Vaccination Reading for April 18, 2021

An artist’s rendition of a potential pan-coronavirus vaccine

I read Jon Cohen’s article, “Vaccines that can protect against many coronaviruses could prevent another pandemic” on the American Association for the Advancement of Science website. The article gets into the nitty-gritty of vaccine development. It focuses on the work of the international nonprofit Coalition for Epidemic Preparedness Innovations (CEPI) to develop a vaccine that would protect against a wide range of coronaviruses. The image above shows a gray nanoparticle carrier with different spike proteins that educate human immune systems against different kinds of coronaviruses, including the beta family of coronaviruses that included COVID (SARS-CoV-2) and Middle East Respiratory Syndrome (MERS).

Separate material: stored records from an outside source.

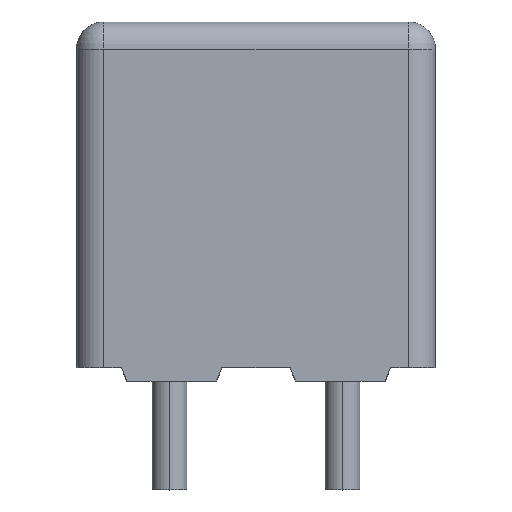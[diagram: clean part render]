
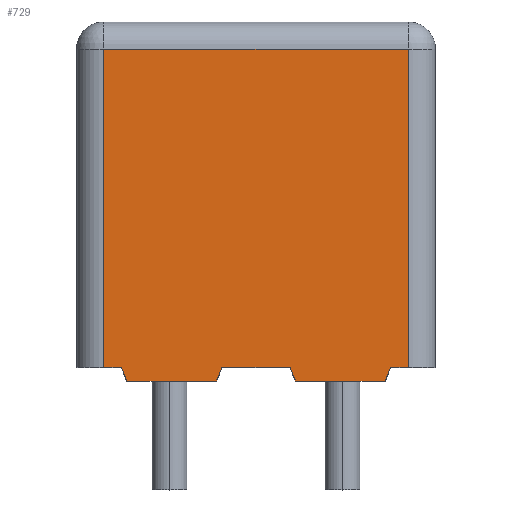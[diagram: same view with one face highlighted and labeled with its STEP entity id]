
A CAD part, top view. The second image highlights one B-rep face of the part: STEP entity #729.
In plain terms, the highlighted planar face has unit normal (0, 0, 1).
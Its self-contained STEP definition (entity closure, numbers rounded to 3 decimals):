
#446 = CARTESIAN_POINT ( 'NONE',  ( -2.375, 0., 1.715 ) ) ;
#447 = VERTEX_POINT ( 'NONE', #446 ) ;
#462 = CARTESIAN_POINT ( 'NONE',  ( -0.725, 0., 1.715 ) ) ;
#463 = VERTEX_POINT ( 'NONE', #462 ) ;
#470 = CARTESIAN_POINT ( 'NONE',  ( -3.3, 0., 1.715 ) ) ;
#471 = DIRECTION ( 'NONE',  ( 1., 0., 0. ) ) ;
#472 = VECTOR ( 'NONE', #471, 1000. ) ;
#473 = LINE ( 'NONE', #470, #472 ) ;
#474 = EDGE_CURVE ( 'NONE', #447, #463, #473, .T. ) ;
#526 = CARTESIAN_POINT ( 'NONE',  ( 0.725, 0., 1.715 ) ) ;
#527 = VERTEX_POINT ( 'NONE', #526 ) ;
#542 = CARTESIAN_POINT ( 'NONE',  ( 2.375, 0., 1.715 ) ) ;
#543 = VERTEX_POINT ( 'NONE', #542 ) ;
#550 = CARTESIAN_POINT ( 'NONE',  ( -3.3, 0., 1.715 ) ) ;
#551 = DIRECTION ( 'NONE',  ( 1., 0., 0. ) ) ;
#552 = VECTOR ( 'NONE', #551, 1000. ) ;
#553 = LINE ( 'NONE', #550, #552 ) ;
#554 = EDGE_CURVE ( 'NONE', #527, #543, #553, .T. ) ;
#644 = CARTESIAN_POINT ( 'NONE',  ( 2.8, 0.25, 1.715 ) ) ;
#645 = VERTEX_POINT ( 'NONE', #644 ) ;
#646 = CARTESIAN_POINT ( 'NONE',  ( 2.475, 0.25, 1.715 ) ) ;
#647 = VERTEX_POINT ( 'NONE', #646 ) ;
#648 = CARTESIAN_POINT ( 'NONE',  ( 3.3, 0.25, 1.715 ) ) ;
#649 = DIRECTION ( 'NONE',  ( -1., 0., 0. ) ) ;
#650 = VECTOR ( 'NONE', #649, 1000. ) ;
#651 = LINE ( 'NONE', #648, #650 ) ;
#652 = EDGE_CURVE ( 'NONE', #645, #647, #651, .T. ) ;
#653 = ORIENTED_EDGE ( 'NONE', *, *, #652, .F. ) ;
#654 = CARTESIAN_POINT ( 'NONE',  ( 2.8, 6.1, 1.715 ) ) ;
#655 = VERTEX_POINT ( 'NONE', #654 ) ;
#656 = CARTESIAN_POINT ( 'NONE',  ( 2.8, 6.6, 1.715 ) ) ;
#657 = DIRECTION ( 'NONE',  ( 0., 1., 0. ) ) ;
#658 = VECTOR ( 'NONE', #657, 1000. ) ;
#659 = LINE ( 'NONE', #656, #658 ) ;
#660 = EDGE_CURVE ( 'NONE', #645, #655, #659, .T. ) ;
#661 = ORIENTED_EDGE ( 'NONE', *, *, #660, .T. ) ;
#662 = CARTESIAN_POINT ( 'NONE',  ( -2.8, 6.1, 1.715 ) ) ;
#663 = VERTEX_POINT ( 'NONE', #662 ) ;
#664 = CARTESIAN_POINT ( 'NONE',  ( -3.3, 6.1, 1.715 ) ) ;
#665 = DIRECTION ( 'NONE',  ( -1., 0., 0. ) ) ;
#666 = VECTOR ( 'NONE', #665, 1000. ) ;
#667 = LINE ( 'NONE', #664, #666 ) ;
#668 = EDGE_CURVE ( 'NONE', #655, #663, #667, .T. ) ;
#669 = ORIENTED_EDGE ( 'NONE', *, *, #668, .T. ) ;
#670 = CARTESIAN_POINT ( 'NONE',  ( -2.8, 0.25, 1.715 ) ) ;
#671 = VERTEX_POINT ( 'NONE', #670 ) ;
#672 = CARTESIAN_POINT ( 'NONE',  ( -2.8, 0.25, 1.715 ) ) ;
#673 = DIRECTION ( 'NONE',  ( 0., -1., 0. ) ) ;
#674 = VECTOR ( 'NONE', #673, 1000. ) ;
#675 = LINE ( 'NONE', #672, #674 ) ;
#676 = EDGE_CURVE ( 'NONE', #663, #671, #675, .T. ) ;
#677 = ORIENTED_EDGE ( 'NONE', *, *, #676, .T. ) ;
#678 = CARTESIAN_POINT ( 'NONE',  ( -2.475, 0.25, 1.715 ) ) ;
#679 = VERTEX_POINT ( 'NONE', #678 ) ;
#680 = CARTESIAN_POINT ( 'NONE',  ( -3.3, 0.25, 1.715 ) ) ;
#681 = DIRECTION ( 'NONE',  ( -1., 0., 0. ) ) ;
#682 = VECTOR ( 'NONE', #681, 1000. ) ;
#683 = LINE ( 'NONE', #680, #682 ) ;
#684 = EDGE_CURVE ( 'NONE', #679, #671, #683, .T. ) ;
#685 = ORIENTED_EDGE ( 'NONE', *, *, #684, .F. ) ;
#686 = CARTESIAN_POINT ( 'NONE',  ( -2.475, 0.25, 1.715 ) ) ;
#687 = DIRECTION ( 'NONE',  ( -0.383, 0.924, 0. ) ) ;
#688 = VECTOR ( 'NONE', #687, 1000. ) ;
#689 = LINE ( 'NONE', #686, #688 ) ;
#690 = EDGE_CURVE ( 'NONE', #447, #679, #689, .T. ) ;
#691 = ORIENTED_EDGE ( 'NONE', *, *, #690, .F. ) ;
#692 = ORIENTED_EDGE ( 'NONE', *, *, #474, .T. ) ;
#693 = CARTESIAN_POINT ( 'NONE',  ( -0.625, 0.25, 1.715 ) ) ;
#694 = VERTEX_POINT ( 'NONE', #693 ) ;
#695 = CARTESIAN_POINT ( 'NONE',  ( -0.625, 0.25, 1.715 ) ) ;
#696 = DIRECTION ( 'NONE',  ( -0.383, -0.924, 0. ) ) ;
#697 = VECTOR ( 'NONE', #696, 1000. ) ;
#698 = LINE ( 'NONE', #695, #697 ) ;
#699 = EDGE_CURVE ( 'NONE', #694, #463, #698, .T. ) ;
#700 = ORIENTED_EDGE ( 'NONE', *, *, #699, .F. ) ;
#701 = CARTESIAN_POINT ( 'NONE',  ( 0.625, 0.25, 1.715 ) ) ;
#702 = VERTEX_POINT ( 'NONE', #701 ) ;
#703 = CARTESIAN_POINT ( 'NONE',  ( 0.625, 0.25, 1.715 ) ) ;
#704 = DIRECTION ( 'NONE',  ( -1., 0., 0. ) ) ;
#705 = VECTOR ( 'NONE', #704, 1000. ) ;
#706 = LINE ( 'NONE', #703, #705 ) ;
#707 = EDGE_CURVE ( 'NONE', #702, #694, #706, .T. ) ;
#708 = ORIENTED_EDGE ( 'NONE', *, *, #707, .F. ) ;
#709 = CARTESIAN_POINT ( 'NONE',  ( 0.625, 0.25, 1.715 ) ) ;
#710 = DIRECTION ( 'NONE',  ( -0.383, 0.924, 0. ) ) ;
#711 = VECTOR ( 'NONE', #710, 1000. ) ;
#712 = LINE ( 'NONE', #709, #711 ) ;
#713 = EDGE_CURVE ( 'NONE', #527, #702, #712, .T. ) ;
#714 = ORIENTED_EDGE ( 'NONE', *, *, #713, .F. ) ;
#715 = ORIENTED_EDGE ( 'NONE', *, *, #554, .T. ) ;
#716 = CARTESIAN_POINT ( 'NONE',  ( 2.475, 0.25, 1.715 ) ) ;
#717 = DIRECTION ( 'NONE',  ( -0.383, -0.924, 0. ) ) ;
#718 = VECTOR ( 'NONE', #717, 1000. ) ;
#719 = LINE ( 'NONE', #716, #718 ) ;
#720 = EDGE_CURVE ( 'NONE', #647, #543, #719, .T. ) ;
#721 = ORIENTED_EDGE ( 'NONE', *, *, #720, .F. ) ;
#722 = EDGE_LOOP ( 'NONE', ( #653, #661, #669, #677, #685, #691, #692, #700, #708, #714, #715, #721 ) ) ;
#723 = FACE_OUTER_BOUND ( 'NONE', #722, .T. ) ;
#724 = CARTESIAN_POINT ( 'NONE',  ( -3.3, 0., 1.715 ) ) ;
#725 = DIRECTION ( 'NONE',  ( 0., 0., 1. ) ) ;
#726 = DIRECTION ( 'NONE',  ( 1., 0., 0. ) ) ;
#727 = AXIS2_PLACEMENT_3D ( 'NONE', #724, #725, #726 ) ;
#728 = PLANE ( 'NONE', #727 ) ;
#729 = ADVANCED_FACE ( 'NONE', ( #723 ), #728, .T. ) ;

In looking at per capita vaccination rates on the website Our World in Data, some countries are far ahead of others. As we’ve been reading in the news, Israel is the world leader with 119 doses administered per 100 people. I guess that means that everyone received one dose and now they are moving to the second dose for all citizens. The UK and US are in the next tier with 61 and 59 respectively. Other countries of interest to TIS are Canada and the EU (24), Turkey (23) China (13) Russia (10) India (8) and Australia (5). The site has data on Uzbekistan, coming in at 0.77 doses administered per 100 inhabitants.

The international vaccine available in Uzbekistan is AstraZeneca-Oxford. Insightful articles I found on this vaccine are as follows:

Which vaccine should I take? The answer according to experts is the one available to me. The vaccine most likely to be available to TIS will be the AstraZeneca vaccine. Is AstraZeneca effective? Is AstraZeneca safe? My opinion on it is that it will keep me out of the hospital and alive if I am one of the unlucky people to contract COVID. The chances of serious side effects like blood clotting are “very rare” and according to the data, the chances of me dying from COVID greatly outweigh the chances of me dying from the side effects of the vaccine. Each individual will have to decide for themselves what to do and everyone has their unique personal circumstances. For me as the director of the school, the conversation in the international school world is about developing COVID vaccination policies. It will be fascinating to see the different approaches schools take on the subject. The big questions are balancing individual rights versus community protection, access to vaccines in a diverse community, vaccination databases, etc.